Os especialistas consultados pelo The New York Times dizem que ainda não é possível saber porque é que algumas pessoas testam positivo dez ou mais dias depois de terem contraído o vírus - embora se desconfie da possibilidade de as pessoas expostas a grandes doses do vírus possam levar mais tempo para eliminá-lo do organismo -, mas defendem que, embora os testes rápidos de antigénio possam sinalizar pessoas portadoras de altos níveis do vírus, não são preditores perfeitos de infecciosidade, o que dificulta a compreensão do impacto que o pós-isolamento pode ter, até porque cada caso é um caso.

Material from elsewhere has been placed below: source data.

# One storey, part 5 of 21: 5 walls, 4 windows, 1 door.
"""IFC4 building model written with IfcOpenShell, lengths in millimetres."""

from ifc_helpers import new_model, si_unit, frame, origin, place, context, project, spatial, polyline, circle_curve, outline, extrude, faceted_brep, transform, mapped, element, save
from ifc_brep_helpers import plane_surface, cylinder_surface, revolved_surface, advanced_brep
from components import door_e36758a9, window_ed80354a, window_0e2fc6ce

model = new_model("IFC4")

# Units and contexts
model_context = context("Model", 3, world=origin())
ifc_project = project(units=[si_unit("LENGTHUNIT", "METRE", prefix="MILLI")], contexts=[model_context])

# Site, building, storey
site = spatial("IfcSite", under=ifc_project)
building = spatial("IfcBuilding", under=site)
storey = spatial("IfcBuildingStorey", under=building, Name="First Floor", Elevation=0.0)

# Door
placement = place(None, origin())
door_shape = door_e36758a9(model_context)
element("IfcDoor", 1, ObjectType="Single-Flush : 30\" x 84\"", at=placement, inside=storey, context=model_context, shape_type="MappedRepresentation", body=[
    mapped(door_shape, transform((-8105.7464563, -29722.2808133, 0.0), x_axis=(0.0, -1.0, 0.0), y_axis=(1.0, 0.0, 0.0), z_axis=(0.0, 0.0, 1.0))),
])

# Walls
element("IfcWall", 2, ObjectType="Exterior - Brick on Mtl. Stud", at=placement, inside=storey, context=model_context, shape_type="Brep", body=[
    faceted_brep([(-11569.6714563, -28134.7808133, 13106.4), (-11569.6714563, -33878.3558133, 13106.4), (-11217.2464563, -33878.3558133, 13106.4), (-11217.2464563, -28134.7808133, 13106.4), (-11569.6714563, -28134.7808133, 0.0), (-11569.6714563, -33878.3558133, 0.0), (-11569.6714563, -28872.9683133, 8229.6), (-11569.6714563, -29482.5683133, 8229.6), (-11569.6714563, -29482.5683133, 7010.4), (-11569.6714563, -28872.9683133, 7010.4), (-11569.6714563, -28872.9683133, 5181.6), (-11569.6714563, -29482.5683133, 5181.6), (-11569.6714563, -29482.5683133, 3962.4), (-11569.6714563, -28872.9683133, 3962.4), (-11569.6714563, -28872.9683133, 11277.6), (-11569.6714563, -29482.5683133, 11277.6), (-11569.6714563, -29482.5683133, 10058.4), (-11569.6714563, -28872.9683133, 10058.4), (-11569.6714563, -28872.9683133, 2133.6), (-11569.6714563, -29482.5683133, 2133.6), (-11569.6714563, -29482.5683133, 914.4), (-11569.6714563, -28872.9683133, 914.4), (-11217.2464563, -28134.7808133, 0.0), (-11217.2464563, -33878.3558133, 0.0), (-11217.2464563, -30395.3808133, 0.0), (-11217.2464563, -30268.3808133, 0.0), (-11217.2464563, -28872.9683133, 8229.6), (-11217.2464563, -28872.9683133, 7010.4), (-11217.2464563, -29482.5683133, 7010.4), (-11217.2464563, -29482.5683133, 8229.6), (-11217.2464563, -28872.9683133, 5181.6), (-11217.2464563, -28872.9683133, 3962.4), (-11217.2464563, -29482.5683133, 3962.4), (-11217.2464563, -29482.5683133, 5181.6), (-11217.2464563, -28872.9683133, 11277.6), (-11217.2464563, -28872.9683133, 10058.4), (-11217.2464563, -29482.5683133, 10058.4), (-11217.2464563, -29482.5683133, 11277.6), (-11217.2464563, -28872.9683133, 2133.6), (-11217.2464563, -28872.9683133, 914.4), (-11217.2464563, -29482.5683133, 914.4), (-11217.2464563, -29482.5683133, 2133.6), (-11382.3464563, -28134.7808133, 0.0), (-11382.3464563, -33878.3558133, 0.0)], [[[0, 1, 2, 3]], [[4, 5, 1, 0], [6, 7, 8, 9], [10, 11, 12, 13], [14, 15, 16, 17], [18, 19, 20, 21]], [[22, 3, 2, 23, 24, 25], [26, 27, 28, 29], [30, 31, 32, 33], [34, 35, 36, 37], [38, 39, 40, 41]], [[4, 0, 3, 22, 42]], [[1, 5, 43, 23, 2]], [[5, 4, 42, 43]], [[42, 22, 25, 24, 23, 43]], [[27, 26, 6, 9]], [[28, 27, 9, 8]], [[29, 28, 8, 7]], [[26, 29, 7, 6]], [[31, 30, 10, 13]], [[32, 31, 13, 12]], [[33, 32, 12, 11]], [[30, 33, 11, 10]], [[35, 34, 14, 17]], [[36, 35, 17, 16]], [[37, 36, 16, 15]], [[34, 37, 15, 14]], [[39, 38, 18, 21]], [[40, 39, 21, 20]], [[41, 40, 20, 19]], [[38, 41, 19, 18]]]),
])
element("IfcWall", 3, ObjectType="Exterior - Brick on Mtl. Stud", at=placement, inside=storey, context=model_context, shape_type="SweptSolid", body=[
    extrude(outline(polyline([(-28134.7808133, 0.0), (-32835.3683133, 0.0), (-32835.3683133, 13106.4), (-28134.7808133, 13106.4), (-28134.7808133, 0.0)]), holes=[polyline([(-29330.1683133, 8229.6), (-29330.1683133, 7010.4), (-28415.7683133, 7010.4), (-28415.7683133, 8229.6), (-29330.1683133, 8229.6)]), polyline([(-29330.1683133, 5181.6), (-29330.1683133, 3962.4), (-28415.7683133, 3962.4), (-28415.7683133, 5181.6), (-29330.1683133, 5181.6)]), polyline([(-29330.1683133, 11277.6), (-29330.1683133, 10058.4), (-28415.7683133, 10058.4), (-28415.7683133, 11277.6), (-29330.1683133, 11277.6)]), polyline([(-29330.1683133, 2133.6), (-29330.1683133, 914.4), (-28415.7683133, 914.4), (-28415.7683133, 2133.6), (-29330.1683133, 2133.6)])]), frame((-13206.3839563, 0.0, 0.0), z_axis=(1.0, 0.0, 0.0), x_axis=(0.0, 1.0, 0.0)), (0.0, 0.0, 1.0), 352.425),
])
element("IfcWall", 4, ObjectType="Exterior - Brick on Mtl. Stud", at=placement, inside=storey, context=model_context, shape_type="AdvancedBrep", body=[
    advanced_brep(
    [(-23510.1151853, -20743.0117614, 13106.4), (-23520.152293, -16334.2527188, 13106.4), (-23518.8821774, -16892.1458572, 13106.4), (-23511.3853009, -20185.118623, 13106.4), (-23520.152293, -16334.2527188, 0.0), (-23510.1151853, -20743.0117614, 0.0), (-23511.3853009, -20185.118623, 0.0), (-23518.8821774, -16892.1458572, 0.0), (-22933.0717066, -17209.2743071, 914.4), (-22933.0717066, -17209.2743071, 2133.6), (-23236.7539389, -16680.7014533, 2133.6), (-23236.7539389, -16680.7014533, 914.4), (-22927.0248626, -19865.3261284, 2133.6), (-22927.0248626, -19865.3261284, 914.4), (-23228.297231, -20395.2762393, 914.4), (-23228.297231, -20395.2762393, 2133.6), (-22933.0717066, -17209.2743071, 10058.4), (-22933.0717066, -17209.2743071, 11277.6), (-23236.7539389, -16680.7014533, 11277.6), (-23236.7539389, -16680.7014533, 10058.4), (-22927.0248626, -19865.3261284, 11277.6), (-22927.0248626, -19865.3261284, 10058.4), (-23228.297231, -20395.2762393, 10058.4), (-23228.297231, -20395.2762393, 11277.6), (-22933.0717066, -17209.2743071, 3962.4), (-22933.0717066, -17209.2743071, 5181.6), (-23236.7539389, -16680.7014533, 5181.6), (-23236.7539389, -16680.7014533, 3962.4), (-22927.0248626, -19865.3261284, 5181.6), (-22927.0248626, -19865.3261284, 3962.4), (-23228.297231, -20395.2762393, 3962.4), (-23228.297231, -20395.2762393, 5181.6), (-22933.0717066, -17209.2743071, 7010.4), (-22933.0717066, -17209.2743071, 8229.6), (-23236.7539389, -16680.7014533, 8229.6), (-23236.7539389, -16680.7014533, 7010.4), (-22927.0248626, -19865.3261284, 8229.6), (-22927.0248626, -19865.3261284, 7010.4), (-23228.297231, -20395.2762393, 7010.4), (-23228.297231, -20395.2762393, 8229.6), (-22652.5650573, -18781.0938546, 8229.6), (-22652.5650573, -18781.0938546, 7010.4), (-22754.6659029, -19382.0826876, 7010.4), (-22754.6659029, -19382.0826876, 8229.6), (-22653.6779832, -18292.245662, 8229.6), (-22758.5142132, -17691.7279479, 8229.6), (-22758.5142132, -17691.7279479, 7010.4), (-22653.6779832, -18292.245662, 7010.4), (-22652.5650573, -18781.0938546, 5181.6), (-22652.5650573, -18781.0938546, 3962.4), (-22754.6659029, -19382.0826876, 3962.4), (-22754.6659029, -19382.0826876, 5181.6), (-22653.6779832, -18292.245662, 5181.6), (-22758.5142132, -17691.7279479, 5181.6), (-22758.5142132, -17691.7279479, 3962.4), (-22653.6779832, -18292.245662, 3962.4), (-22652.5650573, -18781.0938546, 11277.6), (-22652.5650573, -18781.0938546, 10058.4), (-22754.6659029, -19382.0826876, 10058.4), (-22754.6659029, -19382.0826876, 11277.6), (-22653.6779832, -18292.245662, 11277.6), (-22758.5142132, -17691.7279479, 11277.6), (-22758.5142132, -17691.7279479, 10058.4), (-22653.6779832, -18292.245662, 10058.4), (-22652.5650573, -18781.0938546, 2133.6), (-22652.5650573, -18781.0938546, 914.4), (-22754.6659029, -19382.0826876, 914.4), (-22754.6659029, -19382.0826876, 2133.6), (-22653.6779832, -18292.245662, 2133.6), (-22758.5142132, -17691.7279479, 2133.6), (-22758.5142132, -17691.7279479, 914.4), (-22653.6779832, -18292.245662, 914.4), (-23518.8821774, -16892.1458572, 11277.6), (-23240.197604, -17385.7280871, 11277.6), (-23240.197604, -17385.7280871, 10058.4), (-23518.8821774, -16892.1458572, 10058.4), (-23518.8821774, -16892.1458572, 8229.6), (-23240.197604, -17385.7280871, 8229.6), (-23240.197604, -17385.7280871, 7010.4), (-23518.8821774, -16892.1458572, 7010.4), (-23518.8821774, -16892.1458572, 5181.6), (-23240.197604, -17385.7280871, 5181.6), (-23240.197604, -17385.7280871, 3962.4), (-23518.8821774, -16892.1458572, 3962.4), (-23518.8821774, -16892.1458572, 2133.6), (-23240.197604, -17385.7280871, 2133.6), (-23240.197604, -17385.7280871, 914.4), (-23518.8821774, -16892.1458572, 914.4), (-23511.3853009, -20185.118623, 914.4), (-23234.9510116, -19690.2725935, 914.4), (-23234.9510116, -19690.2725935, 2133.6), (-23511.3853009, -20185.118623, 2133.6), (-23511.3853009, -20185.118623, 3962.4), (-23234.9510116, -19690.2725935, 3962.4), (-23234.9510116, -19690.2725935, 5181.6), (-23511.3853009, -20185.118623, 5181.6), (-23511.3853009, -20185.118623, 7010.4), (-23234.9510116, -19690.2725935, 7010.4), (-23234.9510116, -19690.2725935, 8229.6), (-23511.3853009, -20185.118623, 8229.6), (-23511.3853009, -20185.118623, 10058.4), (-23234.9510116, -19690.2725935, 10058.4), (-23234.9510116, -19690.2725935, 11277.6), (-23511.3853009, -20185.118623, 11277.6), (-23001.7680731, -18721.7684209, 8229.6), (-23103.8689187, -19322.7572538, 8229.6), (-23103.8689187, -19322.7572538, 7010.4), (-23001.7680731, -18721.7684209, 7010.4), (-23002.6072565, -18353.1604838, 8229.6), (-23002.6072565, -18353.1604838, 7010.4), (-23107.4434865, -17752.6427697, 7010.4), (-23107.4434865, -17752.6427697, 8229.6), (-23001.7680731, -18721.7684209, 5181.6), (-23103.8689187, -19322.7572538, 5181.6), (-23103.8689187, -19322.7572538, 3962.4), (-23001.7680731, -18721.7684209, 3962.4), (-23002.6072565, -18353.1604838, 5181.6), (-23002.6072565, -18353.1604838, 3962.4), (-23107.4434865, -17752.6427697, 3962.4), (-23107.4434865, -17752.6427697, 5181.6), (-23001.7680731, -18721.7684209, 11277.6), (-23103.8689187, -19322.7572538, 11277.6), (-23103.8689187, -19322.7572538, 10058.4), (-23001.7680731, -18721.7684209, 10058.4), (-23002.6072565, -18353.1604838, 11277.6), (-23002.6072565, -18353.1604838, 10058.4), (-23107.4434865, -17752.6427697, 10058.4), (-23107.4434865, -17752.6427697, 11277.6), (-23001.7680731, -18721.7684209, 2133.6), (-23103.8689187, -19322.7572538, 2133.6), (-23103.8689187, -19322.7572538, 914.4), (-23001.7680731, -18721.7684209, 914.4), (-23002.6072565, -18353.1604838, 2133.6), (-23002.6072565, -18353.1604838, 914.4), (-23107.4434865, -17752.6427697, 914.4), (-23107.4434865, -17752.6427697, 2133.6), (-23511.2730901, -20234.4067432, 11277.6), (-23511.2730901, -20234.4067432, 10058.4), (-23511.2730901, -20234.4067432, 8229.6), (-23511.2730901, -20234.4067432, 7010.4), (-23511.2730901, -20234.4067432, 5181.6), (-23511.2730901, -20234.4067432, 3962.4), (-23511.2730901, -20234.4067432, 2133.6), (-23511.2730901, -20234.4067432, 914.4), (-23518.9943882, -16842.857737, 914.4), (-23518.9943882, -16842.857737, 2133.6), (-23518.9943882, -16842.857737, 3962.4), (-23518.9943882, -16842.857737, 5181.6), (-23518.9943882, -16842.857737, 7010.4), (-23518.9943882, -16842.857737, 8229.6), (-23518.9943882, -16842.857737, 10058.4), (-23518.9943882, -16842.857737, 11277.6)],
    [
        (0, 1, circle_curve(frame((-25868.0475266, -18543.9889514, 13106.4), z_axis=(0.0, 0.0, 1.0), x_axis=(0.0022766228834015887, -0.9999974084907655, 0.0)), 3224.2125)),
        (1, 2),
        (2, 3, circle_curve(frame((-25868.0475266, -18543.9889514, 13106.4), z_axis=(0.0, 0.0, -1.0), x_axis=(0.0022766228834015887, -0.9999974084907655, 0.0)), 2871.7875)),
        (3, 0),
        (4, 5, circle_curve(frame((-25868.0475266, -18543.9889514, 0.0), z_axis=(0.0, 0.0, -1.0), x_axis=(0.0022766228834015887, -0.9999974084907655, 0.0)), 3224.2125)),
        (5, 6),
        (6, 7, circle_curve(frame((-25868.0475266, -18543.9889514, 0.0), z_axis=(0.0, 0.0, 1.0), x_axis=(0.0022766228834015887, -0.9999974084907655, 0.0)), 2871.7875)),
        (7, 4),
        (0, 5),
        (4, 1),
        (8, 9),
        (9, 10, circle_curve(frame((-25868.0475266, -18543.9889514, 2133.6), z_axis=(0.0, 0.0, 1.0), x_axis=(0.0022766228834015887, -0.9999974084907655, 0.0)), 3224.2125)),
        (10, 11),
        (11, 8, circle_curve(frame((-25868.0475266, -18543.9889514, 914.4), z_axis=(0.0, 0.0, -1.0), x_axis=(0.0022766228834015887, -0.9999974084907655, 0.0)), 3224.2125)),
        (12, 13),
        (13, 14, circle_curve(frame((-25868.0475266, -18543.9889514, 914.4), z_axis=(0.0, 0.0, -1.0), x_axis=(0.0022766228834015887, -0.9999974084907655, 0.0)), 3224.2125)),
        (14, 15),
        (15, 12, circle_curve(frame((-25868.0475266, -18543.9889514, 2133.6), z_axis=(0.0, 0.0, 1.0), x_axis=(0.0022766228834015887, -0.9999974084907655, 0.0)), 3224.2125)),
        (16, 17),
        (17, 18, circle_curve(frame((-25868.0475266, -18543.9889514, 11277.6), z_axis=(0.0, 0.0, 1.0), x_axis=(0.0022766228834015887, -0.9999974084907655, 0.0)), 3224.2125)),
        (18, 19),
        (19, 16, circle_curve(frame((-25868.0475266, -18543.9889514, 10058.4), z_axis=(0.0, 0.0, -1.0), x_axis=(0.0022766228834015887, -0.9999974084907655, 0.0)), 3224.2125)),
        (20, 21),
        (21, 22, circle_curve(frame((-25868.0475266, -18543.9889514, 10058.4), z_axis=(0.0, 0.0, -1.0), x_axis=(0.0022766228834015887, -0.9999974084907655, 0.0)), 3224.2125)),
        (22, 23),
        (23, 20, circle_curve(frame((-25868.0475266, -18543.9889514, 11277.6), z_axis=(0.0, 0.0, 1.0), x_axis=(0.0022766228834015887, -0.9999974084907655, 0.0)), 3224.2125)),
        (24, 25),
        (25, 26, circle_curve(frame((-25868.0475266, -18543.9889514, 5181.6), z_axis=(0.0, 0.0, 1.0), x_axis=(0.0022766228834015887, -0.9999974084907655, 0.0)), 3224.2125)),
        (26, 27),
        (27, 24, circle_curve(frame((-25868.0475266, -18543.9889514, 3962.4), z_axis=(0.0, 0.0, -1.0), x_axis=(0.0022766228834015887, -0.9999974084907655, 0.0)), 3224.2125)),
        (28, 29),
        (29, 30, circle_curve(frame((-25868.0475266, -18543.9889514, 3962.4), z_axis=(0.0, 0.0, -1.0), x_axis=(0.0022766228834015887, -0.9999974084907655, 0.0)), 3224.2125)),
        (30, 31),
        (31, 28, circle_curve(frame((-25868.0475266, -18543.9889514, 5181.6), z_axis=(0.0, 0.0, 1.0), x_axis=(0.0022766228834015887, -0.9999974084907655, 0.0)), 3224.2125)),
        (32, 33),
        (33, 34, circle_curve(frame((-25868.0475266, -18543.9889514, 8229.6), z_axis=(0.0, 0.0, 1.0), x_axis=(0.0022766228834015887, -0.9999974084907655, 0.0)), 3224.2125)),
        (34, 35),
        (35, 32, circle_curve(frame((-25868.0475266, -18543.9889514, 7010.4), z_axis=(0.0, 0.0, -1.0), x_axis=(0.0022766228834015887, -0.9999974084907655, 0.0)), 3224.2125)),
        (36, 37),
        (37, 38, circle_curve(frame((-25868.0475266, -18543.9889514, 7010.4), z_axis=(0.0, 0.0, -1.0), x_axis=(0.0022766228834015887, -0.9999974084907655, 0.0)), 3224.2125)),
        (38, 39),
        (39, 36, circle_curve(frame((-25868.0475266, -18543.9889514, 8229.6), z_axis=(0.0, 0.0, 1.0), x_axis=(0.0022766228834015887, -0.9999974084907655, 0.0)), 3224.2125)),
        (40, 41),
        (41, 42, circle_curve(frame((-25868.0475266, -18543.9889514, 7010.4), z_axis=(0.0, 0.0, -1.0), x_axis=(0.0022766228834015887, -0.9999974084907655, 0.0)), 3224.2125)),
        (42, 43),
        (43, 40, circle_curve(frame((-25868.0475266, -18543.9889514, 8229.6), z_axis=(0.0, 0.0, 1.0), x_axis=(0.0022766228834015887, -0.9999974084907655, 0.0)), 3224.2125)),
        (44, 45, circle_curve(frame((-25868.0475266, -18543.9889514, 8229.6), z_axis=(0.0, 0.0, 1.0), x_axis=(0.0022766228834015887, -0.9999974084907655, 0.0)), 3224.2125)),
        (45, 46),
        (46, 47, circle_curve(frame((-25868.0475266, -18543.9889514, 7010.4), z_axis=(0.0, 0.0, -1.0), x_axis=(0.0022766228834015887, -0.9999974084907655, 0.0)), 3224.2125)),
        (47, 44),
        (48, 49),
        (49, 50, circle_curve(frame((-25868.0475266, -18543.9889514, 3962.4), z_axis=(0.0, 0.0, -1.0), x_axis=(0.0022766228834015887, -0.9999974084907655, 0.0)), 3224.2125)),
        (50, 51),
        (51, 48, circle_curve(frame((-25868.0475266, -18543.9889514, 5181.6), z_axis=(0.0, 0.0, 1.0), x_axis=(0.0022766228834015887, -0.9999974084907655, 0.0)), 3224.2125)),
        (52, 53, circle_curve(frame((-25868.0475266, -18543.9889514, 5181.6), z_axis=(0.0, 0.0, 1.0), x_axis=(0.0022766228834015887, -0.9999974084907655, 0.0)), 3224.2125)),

Em algumas situações, as pessoas que testam positivo dias depois do isolamento ainda podem estar a espalhar o vírus de forma infecciosa mas há também a possibilidade de os testes poderem estar a recolher detritos virais de uma infeção já em declínio e pouco ou nada contagiosa, dizem os especialistas, provando que esta é mais uma das incógnitas da covid-19 por resolver.

“Algumas pessoas podem não ser infecciosas no final do isolamento, mesmo que ainda sejam positivas para o teste antigénio, enquanto outras podem ser infecciosas mesmo se forem negativas para o [teste] antigénio”, explica Yonatan Grad, imunologista e especialista em doenças infecciosas da Harvard T.H. Chan School of Public Health.